AIM OF THE TASK:
After finding the line containing "Part Number: Funnel" below, please output that line and each following one through the line containing "of L4.end L2.start", exactly as written.

MATERIAL PROVIDED:
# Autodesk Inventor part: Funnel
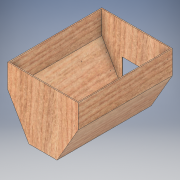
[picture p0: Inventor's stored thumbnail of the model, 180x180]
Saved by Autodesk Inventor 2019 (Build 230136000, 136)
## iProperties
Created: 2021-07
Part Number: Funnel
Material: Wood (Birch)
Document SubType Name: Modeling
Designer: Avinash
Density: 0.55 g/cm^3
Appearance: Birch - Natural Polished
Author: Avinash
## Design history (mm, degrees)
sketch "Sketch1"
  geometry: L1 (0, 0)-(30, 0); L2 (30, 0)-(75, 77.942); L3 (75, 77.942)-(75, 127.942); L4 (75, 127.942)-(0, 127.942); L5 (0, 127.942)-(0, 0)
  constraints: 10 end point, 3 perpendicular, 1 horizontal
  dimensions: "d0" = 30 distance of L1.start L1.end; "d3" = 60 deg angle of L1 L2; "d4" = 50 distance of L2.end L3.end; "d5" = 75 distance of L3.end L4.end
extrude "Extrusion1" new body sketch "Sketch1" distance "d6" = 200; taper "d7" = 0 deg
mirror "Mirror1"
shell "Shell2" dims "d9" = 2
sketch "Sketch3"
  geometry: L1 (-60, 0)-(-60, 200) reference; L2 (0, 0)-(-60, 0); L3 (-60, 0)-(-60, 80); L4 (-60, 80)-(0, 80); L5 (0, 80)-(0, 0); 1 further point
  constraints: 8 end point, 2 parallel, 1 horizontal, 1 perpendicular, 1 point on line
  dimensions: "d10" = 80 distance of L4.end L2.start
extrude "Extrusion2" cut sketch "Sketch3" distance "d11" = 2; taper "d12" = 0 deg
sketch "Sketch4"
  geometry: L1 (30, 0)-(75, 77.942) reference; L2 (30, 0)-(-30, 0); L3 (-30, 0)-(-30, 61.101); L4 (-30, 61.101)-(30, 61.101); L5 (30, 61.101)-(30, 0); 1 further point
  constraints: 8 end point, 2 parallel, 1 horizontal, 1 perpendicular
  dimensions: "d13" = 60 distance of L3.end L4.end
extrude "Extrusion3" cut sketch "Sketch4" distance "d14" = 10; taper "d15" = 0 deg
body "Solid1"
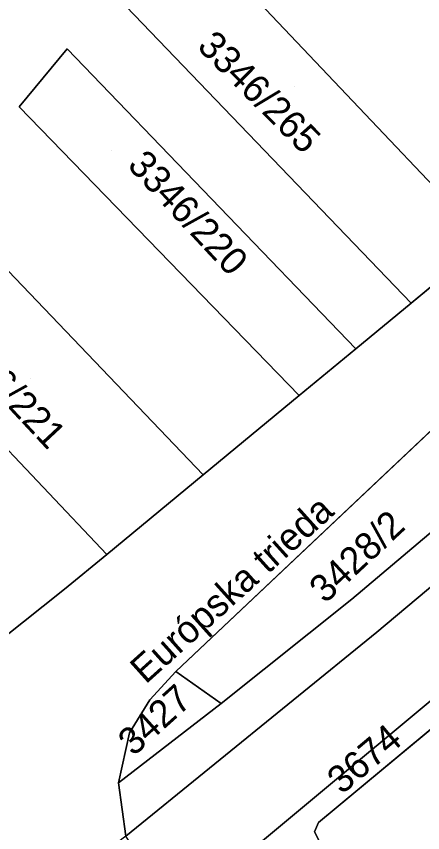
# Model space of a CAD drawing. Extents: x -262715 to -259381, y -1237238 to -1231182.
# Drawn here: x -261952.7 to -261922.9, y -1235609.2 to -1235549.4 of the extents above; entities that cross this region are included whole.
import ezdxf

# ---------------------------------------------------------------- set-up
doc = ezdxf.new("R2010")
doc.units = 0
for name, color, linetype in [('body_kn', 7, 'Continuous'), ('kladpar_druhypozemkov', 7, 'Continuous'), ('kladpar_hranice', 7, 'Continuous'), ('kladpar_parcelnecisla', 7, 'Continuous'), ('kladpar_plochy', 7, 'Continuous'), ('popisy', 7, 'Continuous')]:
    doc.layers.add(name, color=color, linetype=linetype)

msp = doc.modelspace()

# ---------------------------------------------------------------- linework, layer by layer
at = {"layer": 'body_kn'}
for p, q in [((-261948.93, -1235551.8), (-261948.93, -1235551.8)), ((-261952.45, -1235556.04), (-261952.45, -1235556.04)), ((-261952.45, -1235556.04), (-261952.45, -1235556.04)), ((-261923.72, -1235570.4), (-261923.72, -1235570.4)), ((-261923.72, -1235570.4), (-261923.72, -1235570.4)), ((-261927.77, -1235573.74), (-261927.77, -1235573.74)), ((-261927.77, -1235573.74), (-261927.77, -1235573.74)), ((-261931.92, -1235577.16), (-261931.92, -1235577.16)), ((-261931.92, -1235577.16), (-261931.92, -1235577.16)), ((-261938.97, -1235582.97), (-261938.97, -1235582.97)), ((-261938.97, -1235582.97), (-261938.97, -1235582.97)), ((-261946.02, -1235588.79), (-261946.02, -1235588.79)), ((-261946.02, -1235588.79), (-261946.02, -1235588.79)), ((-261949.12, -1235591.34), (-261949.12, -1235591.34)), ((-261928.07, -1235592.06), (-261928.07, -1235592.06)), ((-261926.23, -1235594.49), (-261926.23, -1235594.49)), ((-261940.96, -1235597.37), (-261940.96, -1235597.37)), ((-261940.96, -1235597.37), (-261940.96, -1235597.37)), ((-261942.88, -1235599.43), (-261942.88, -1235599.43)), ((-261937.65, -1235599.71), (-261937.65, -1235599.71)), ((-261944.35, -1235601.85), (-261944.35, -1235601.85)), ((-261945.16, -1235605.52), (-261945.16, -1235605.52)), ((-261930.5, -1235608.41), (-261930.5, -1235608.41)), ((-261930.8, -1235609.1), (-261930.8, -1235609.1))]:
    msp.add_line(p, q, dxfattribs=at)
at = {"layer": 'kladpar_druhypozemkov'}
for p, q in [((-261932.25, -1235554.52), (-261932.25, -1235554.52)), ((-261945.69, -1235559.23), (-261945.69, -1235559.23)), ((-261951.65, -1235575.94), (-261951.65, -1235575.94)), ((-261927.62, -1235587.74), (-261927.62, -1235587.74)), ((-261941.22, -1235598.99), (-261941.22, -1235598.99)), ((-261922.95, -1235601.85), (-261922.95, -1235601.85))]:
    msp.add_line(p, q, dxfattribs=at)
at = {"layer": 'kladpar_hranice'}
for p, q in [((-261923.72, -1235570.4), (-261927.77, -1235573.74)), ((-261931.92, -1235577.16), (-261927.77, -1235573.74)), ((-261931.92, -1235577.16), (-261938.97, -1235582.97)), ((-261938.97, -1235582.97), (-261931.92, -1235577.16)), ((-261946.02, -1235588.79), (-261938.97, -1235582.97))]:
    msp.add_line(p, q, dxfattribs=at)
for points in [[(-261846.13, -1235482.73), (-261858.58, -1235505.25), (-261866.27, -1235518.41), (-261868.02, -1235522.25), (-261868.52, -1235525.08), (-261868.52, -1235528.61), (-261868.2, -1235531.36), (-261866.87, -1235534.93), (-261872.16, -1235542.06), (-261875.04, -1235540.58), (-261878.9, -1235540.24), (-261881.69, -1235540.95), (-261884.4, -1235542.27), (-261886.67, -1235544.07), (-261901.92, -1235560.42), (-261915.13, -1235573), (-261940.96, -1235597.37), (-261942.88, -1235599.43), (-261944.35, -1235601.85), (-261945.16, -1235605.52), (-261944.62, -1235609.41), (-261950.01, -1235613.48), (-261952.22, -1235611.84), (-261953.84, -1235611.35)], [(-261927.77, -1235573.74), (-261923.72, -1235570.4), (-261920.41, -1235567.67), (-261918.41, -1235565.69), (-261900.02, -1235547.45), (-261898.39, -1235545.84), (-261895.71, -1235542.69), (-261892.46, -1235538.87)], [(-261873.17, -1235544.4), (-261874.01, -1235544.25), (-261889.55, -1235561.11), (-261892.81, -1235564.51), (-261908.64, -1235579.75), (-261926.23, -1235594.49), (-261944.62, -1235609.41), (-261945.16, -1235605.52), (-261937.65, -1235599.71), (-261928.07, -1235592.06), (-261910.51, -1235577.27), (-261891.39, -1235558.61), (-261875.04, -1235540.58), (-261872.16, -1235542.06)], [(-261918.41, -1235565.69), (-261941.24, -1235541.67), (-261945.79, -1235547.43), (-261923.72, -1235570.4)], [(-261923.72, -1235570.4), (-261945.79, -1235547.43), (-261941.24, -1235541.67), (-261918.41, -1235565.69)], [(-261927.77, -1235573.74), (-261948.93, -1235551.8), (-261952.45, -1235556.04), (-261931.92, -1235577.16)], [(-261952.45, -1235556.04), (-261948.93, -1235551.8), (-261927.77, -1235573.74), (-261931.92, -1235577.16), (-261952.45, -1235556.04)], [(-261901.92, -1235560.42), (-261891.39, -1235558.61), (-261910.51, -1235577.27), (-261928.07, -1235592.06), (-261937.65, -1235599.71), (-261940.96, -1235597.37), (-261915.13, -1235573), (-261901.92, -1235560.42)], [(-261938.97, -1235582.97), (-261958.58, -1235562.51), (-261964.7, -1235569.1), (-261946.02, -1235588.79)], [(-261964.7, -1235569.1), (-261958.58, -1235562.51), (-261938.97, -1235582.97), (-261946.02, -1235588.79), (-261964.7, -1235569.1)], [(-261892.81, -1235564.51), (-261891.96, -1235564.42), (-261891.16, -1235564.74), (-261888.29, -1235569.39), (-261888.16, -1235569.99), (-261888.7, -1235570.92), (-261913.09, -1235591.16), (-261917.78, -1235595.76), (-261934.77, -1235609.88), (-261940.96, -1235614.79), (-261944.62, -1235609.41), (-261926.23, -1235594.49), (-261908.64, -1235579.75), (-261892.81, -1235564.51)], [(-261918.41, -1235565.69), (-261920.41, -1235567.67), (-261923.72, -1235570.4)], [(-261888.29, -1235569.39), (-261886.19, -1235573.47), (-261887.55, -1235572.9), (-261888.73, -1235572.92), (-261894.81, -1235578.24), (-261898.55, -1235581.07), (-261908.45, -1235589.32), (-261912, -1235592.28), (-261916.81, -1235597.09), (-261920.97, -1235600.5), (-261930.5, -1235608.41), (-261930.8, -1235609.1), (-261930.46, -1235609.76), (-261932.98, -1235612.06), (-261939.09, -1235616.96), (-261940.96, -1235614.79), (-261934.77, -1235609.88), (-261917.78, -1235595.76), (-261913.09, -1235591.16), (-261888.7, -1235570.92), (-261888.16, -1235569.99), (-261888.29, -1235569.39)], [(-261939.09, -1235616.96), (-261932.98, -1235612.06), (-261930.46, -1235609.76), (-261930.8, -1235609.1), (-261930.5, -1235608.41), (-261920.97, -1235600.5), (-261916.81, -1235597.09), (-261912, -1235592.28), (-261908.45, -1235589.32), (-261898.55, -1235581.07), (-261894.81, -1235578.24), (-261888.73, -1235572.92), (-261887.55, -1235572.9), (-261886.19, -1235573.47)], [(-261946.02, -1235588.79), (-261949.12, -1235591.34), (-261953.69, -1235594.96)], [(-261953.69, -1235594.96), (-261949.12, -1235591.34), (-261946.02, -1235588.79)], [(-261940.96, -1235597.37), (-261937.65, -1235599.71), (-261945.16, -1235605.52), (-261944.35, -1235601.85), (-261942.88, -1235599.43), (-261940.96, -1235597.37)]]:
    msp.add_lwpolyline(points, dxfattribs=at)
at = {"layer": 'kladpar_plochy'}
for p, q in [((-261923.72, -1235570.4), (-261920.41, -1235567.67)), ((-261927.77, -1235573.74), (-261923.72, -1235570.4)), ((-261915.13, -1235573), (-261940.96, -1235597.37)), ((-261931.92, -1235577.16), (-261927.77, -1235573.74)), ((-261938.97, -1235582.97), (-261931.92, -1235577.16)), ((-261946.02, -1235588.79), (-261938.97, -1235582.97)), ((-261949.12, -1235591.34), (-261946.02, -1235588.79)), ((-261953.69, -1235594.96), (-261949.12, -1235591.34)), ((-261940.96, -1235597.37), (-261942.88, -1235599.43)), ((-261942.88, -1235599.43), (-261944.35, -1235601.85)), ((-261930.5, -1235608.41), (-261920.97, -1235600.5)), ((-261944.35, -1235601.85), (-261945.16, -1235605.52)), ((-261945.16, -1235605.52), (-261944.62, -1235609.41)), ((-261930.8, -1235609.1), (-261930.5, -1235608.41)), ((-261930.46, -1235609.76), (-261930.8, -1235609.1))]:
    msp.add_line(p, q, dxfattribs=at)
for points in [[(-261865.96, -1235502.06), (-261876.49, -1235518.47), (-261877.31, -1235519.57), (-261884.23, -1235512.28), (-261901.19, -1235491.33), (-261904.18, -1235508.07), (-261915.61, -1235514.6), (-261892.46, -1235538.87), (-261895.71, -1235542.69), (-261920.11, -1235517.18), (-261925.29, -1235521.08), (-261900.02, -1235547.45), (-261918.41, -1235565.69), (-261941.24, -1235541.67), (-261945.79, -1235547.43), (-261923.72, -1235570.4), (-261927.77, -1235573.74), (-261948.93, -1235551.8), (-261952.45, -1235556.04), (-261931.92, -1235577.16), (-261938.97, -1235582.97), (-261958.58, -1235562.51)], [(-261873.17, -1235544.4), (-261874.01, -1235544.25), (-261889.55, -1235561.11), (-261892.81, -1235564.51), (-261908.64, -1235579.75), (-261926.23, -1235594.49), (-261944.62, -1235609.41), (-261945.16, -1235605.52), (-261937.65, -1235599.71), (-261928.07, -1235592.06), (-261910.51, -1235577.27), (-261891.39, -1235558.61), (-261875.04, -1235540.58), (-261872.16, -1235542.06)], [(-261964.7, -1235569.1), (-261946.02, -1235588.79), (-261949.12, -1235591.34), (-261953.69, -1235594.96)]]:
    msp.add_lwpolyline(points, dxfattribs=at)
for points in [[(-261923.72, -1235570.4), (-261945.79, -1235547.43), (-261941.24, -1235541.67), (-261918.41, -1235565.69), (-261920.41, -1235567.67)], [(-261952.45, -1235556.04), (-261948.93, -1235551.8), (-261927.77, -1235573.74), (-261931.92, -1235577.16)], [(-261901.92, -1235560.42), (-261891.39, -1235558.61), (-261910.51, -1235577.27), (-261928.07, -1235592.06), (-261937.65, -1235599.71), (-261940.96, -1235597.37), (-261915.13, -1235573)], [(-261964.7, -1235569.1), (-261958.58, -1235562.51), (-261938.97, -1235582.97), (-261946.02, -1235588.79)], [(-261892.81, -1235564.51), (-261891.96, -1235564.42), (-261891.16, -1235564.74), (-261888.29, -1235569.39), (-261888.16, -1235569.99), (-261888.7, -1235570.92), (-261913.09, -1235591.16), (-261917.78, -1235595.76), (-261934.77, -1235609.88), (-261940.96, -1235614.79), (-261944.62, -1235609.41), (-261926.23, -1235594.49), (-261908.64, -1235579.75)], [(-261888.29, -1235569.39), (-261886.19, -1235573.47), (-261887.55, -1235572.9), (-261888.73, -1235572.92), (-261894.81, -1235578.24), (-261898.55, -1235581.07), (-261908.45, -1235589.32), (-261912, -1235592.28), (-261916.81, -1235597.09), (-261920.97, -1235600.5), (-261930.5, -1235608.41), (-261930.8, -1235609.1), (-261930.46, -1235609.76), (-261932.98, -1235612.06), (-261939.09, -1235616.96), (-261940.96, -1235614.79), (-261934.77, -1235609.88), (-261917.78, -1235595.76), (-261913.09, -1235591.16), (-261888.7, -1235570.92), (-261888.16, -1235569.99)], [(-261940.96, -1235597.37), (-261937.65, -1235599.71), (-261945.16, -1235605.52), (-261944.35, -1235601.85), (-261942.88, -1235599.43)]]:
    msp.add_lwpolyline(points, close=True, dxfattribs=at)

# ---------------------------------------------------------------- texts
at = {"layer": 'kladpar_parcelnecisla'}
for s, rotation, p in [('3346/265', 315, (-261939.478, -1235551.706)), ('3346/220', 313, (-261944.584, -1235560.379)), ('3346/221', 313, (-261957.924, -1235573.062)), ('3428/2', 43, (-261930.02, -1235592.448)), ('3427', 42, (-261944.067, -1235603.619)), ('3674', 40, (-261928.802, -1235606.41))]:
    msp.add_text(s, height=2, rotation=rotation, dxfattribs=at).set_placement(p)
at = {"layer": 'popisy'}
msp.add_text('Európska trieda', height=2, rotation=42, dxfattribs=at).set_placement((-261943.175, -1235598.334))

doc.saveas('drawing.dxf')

THE COMPLETED TASK:
Part Number: Funnel
Material: Wood (Birch)
Document SubType Name: Modeling
Designer: Avinash
Density: 0.55 g/cm^3
Appearance: Birch - Natural Polished
Author: Avinash
## Design history (mm, degrees)
sketch "Sketch1"
  geometry: L1 (0, 0)-(30, 0); L2 (30, 0)-(75, 77.942); L3 (75, 77.942)-(75, 127.942); L4 (75, 127.942)-(0, 127.942); L5 (0, 127.942)-(0, 0)
  constraints: 10 end point, 3 perpendicular, 1 horizontal
  dimensions: "d0" = 30 distance of L1.start L1.end; "d3" = 60 deg angle of L1 L2; "d4" = 50 distance of L2.end L3.end; "d5" = 75 distance of L3.end L4.end
extrude "Extrusion1" new body sketch "Sketch1" distance "d6" = 200; taper "d7" = 0 deg
mirror "Mirror1"
shell "Shell2" dims "d9" = 2
sketch "Sketch3"
  geometry: L1 (-60, 0)-(-60, 200) reference; L2 (0, 0)-(-60, 0); L3 (-60, 0)-(-60, 80); L4 (-60, 80)-(0, 80); L5 (0, 80)-(0, 0); 1 further point
  constraints: 8 end point, 2 parallel, 1 horizontal, 1 perpendicular, 1 point on line
  dimensions: "d10" = 80 distance of L4.end L2.start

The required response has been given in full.